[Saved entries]
----

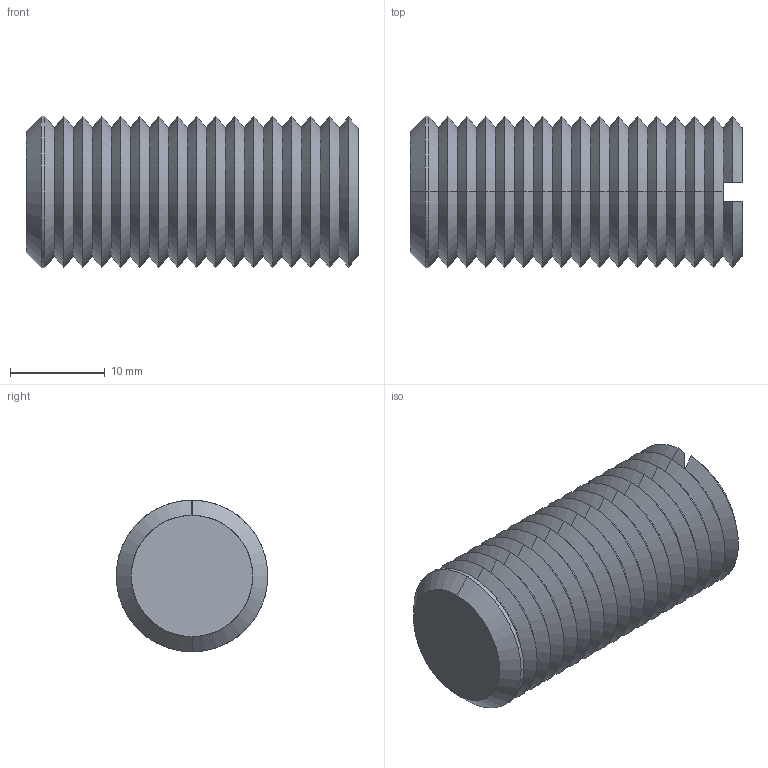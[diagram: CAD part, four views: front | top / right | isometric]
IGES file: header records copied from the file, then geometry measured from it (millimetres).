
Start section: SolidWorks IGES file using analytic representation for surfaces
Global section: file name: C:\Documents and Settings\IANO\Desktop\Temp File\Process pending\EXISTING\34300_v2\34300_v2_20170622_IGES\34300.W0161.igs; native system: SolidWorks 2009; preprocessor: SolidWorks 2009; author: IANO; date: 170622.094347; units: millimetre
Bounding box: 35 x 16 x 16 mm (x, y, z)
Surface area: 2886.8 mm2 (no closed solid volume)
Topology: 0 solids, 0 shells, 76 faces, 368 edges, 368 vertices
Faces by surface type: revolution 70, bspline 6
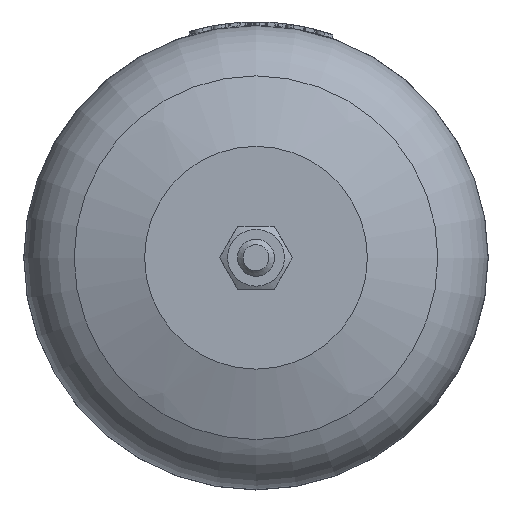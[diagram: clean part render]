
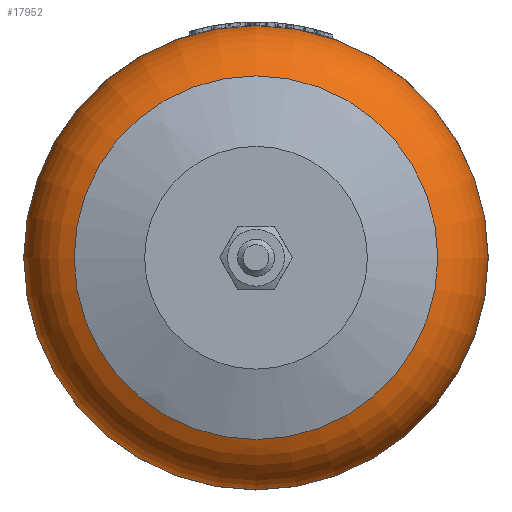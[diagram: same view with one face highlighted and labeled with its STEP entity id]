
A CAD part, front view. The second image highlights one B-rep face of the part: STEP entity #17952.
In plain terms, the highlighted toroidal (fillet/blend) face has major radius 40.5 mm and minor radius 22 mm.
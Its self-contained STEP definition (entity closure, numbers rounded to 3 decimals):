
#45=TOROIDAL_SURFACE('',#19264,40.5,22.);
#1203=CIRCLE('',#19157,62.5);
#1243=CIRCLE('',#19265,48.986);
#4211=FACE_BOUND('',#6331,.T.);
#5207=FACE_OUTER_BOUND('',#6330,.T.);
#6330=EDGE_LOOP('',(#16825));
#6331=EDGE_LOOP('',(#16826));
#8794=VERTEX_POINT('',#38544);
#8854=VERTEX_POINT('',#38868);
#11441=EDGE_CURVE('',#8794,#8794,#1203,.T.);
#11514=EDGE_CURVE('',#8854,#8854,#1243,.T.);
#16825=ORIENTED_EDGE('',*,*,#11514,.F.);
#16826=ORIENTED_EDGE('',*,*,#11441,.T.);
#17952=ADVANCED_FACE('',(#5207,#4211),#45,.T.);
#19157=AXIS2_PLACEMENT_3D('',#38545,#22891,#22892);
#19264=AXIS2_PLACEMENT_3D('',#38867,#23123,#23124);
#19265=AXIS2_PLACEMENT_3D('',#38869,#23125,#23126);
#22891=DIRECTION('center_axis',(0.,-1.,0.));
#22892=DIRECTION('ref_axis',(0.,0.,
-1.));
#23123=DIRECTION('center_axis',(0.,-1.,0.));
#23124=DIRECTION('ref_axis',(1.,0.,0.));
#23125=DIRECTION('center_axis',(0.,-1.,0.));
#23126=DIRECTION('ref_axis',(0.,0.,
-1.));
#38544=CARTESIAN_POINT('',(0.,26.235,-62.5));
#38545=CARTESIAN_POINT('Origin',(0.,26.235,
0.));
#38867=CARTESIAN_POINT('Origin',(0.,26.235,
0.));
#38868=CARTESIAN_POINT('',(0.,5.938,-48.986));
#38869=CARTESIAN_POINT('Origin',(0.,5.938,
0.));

----

◆ Exercise aim:
Print the data above exactly, from its first line to the line bearing "Global section: file" inclusive, and keep pictures out of the result.

◆ Answer for the task:
[diagram: CAD part, four views: front | top / right | isometric]
IGES file: header records copied from the file, then geometry measured from it (millimetres).
Start section: SolidWorks IGES file using analytic representation for surfaces
Global section: file name: C:\Documents and Settings\IANO\Desktop\Temp File\Process pending\EXISTING\34300_v2\34300_v2_20170622_IGES\34300.W0161.igs; native system: SolidWorks 2009; preprocessor: SolidWorks 2009; author: IANO; date: 170622.094347; units: millimetre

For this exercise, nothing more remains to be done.